(Material for this task)

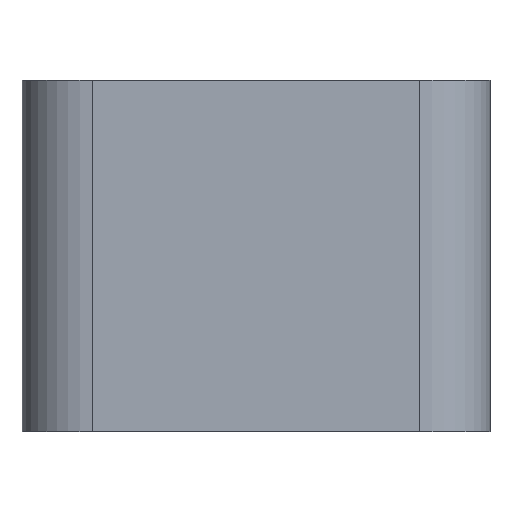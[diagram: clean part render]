
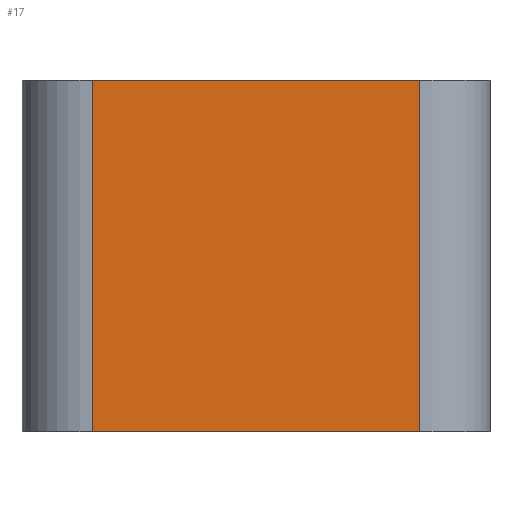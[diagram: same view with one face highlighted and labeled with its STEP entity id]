
A CAD part, left-side view. The second image highlights one B-rep face of the part: STEP entity #17.
In plain terms, the highlighted planar face has unit normal (-1, 0, 0).
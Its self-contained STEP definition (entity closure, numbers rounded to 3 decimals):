
#17 = ADVANCED_FACE('',(#18),#32,.T.);
#18 = FACE_BOUND('',#19,.T.);
#19 = EDGE_LOOP('',(#20,#55,#83,#111));
#20 = ORIENTED_EDGE('',*,*,#21,.T.);
#21 = EDGE_CURVE('',#22,#24,#26,.T.);
#22 = VERTEX_POINT('',#23);
#23 = CARTESIAN_POINT('',(-33.5,-27.1,-13.));
#24 = VERTEX_POINT('',#25);
#25 = CARTESIAN_POINT('',(-33.5,-27.1,-8.5));
#26 = SURFACE_CURVE('',#27,(#31,#43),.PCURVE_S1.);
#27 = LINE('',#28,#29);
#28 = CARTESIAN_POINT('',(-33.5,-27.1,-13.));
#29 = VECTOR('',#30,1.);
#30 = DIRECTION('',(0.,0.,1.));
#31 = PCURVE('',#32,#37);
#32 = PLANE('',#33);
#33 = AXIS2_PLACEMENT_3D('',#34,#35,#36);
#34 = CARTESIAN_POINT('',(-33.5,-27.1,-13.));
#35 = DIRECTION('',(-1.,0.,0.));
#36 = DIRECTION('',(0.,1.,0.));
#37 = DEFINITIONAL_REPRESENTATION('',(#38),#42);
#38 = LINE('',#39,#40);
#39 = CARTESIAN_POINT('',(0.,0.));
#40 = VECTOR('',#41,1.);
#41 = DIRECTION('',(0.,-1.));
#42 = ( GEOMETRIC_REPRESENTATION_CONTEXT(2) 
PARAMETRIC_REPRESENTATION_CONTEXT() REPRESENTATION_CONTEXT('2D SPACE',''
  ) );
#43 = PCURVE('',#44,#49);
#44 = CYLINDRICAL_SURFACE('',#45,0.9);
#45 = AXIS2_PLACEMENT_3D('',#46,#47,#48);
#46 = CARTESIAN_POINT('',(-32.6,-27.1,-13.));
#47 = DIRECTION('',(0.,0.,-1.));
#48 = DIRECTION('',(-1.,0.,0.));
#49 = DEFINITIONAL_REPRESENTATION('',(#50),#54);
#50 = LINE('',#51,#52);
#51 = CARTESIAN_POINT('',(6.283,0.));
#52 = VECTOR('',#53,1.);
#53 = DIRECTION('',(0.,-1.));
#54 = ( GEOMETRIC_REPRESENTATION_CONTEXT(2) 
PARAMETRIC_REPRESENTATION_CONTEXT() REPRESENTATION_CONTEXT('2D SPACE',''
  ) );
#55 = ORIENTED_EDGE('',*,*,#56,.T.);
#56 = EDGE_CURVE('',#24,#57,#59,.T.);
#57 = VERTEX_POINT('',#58);
#58 = CARTESIAN_POINT('',(-33.5,-22.9,-8.5));
#59 = SURFACE_CURVE('',#60,(#64,#71),.PCURVE_S1.);
#60 = LINE('',#61,#62);
#61 = CARTESIAN_POINT('',(-33.5,-25.,-8.5));
#62 = VECTOR('',#63,1.);
#63 = DIRECTION('',(0.,1.,0.));
#64 = PCURVE('',#32,#65);
#65 = DEFINITIONAL_REPRESENTATION('',(#66),#70);
#66 = LINE('',#67,#68);
#67 = CARTESIAN_POINT('',(2.1,-4.5));
#68 = VECTOR('',#69,1.);
#69 = DIRECTION('',(1.,0.));
#70 = ( GEOMETRIC_REPRESENTATION_CONTEXT(2) 
PARAMETRIC_REPRESENTATION_CONTEXT() REPRESENTATION_CONTEXT('2D SPACE',''
  ) );
#71 = PCURVE('',#72,#77);
#72 = PLANE('',#73);
#73 = AXIS2_PLACEMENT_3D('',#74,#75,#76);
#74 = CARTESIAN_POINT('',(-30.25,-25.,-8.5));
#75 = DIRECTION('',(0.,0.,1.));
#76 = DIRECTION('',(1.,0.,0.));
#77 = DEFINITIONAL_REPRESENTATION('',(#78),#82);
#78 = LINE('',#79,#80);
#79 = CARTESIAN_POINT('',(-3.25,0.));
#80 = VECTOR('',#81,1.);
#81 = DIRECTION('',(0.,1.));
#82 = ( GEOMETRIC_REPRESENTATION_CONTEXT(2) 
PARAMETRIC_REPRESENTATION_CONTEXT() REPRESENTATION_CONTEXT('2D SPACE',''
  ) );
#83 = ORIENTED_EDGE('',*,*,#84,.F.);
#84 = EDGE_CURVE('',#85,#57,#87,.T.);
#85 = VERTEX_POINT('',#86);
#86 = CARTESIAN_POINT('',(-33.5,-22.9,-13.));
#87 = SURFACE_CURVE('',#88,(#92,#99),.PCURVE_S1.);
#88 = LINE('',#89,#90);
#89 = CARTESIAN_POINT('',(-33.5,-22.9,-13.));
#90 = VECTOR('',#91,1.);
#91 = DIRECTION('',(0.,0.,1.));
#92 = PCURVE('',#32,#93);
#93 = DEFINITIONAL_REPRESENTATION('',(#94),#98);
#94 = LINE('',#95,#96);
#95 = CARTESIAN_POINT('',(4.2,0.));
#96 = VECTOR('',#97,1.);
#97 = DIRECTION('',(0.,-1.));
#98 = ( GEOMETRIC_REPRESENTATION_CONTEXT(2) 
PARAMETRIC_REPRESENTATION_CONTEXT() REPRESENTATION_CONTEXT('2D SPACE',''
  ) );
#99 = PCURVE('',#100,#105);
#100 = CYLINDRICAL_SURFACE('',#101,0.9);
#101 = AXIS2_PLACEMENT_3D('',#102,#103,#104);
#102 = CARTESIAN_POINT('',(-32.6,-22.9,-13.));
#103 = DIRECTION('',(0.,0.,-1.));
#104 = DIRECTION('',(-1.,0.,0.));
#105 = DEFINITIONAL_REPRESENTATION('',(#106),#110);
#106 = LINE('',#107,#108);
#107 = CARTESIAN_POINT('',(0.,0.));
#108 = VECTOR('',#109,1.);
#109 = DIRECTION('',(0.,-1.));
#110 = ( GEOMETRIC_REPRESENTATION_CONTEXT(2) 
PARAMETRIC_REPRESENTATION_CONTEXT() REPRESENTATION_CONTEXT('2D SPACE',''
  ) );
#111 = ORIENTED_EDGE('',*,*,#112,.F.);
#112 = EDGE_CURVE('',#22,#85,#113,.T.);
#113 = SURFACE_CURVE('',#114,(#118,#125),.PCURVE_S1.);
#114 = LINE('',#115,#116);
#115 = CARTESIAN_POINT('',(-33.5,-25.,-13.));
#116 = VECTOR('',#117,1.);
#117 = DIRECTION('',(0.,1.,0.));
#118 = PCURVE('',#32,#119);
#119 = DEFINITIONAL_REPRESENTATION('',(#120),#124);
#120 = LINE('',#121,#122);
#121 = CARTESIAN_POINT('',(2.1,0.));
#122 = VECTOR('',#123,1.);
#123 = DIRECTION('',(1.,0.));
#124 = ( GEOMETRIC_REPRESENTATION_CONTEXT(2) 
PARAMETRIC_REPRESENTATION_CONTEXT() REPRESENTATION_CONTEXT('2D SPACE',''
  ) );
#125 = PCURVE('',#126,#131);
#126 = PLANE('',#127);
#127 = AXIS2_PLACEMENT_3D('',#128,#129,#130);
#128 = CARTESIAN_POINT('',(-30.25,-25.,-13.));
#129 = DIRECTION('',(0.,0.,1.));
#130 = DIRECTION('',(1.,0.,0.));
#131 = DEFINITIONAL_REPRESENTATION('',(#132),#136);
#132 = LINE('',#133,#134);
#133 = CARTESIAN_POINT('',(-3.25,0.));
#134 = VECTOR('',#135,1.);
#135 = DIRECTION('',(0.,1.));
#136 = ( GEOMETRIC_REPRESENTATION_CONTEXT(2) 
PARAMETRIC_REPRESENTATION_CONTEXT() REPRESENTATION_CONTEXT('2D SPACE',''
  ) );

(End Material for this task)

Having found the line with "#133 = CARTESIAN_POINT('',(-3.25,0.));" in the listing above, transcribe it and every line after it to the end, exactly, with no additions.

#133 = CARTESIAN_POINT('',(-3.25,0.));
#134 = VECTOR('',#135,1.);
#135 = DIRECTION('',(0.,1.));
#136 = ( GEOMETRIC_REPRESENTATION_CONTEXT(2) 
PARAMETRIC_REPRESENTATION_CONTEXT() REPRESENTATION_CONTEXT('2D SPACE',''
  ) );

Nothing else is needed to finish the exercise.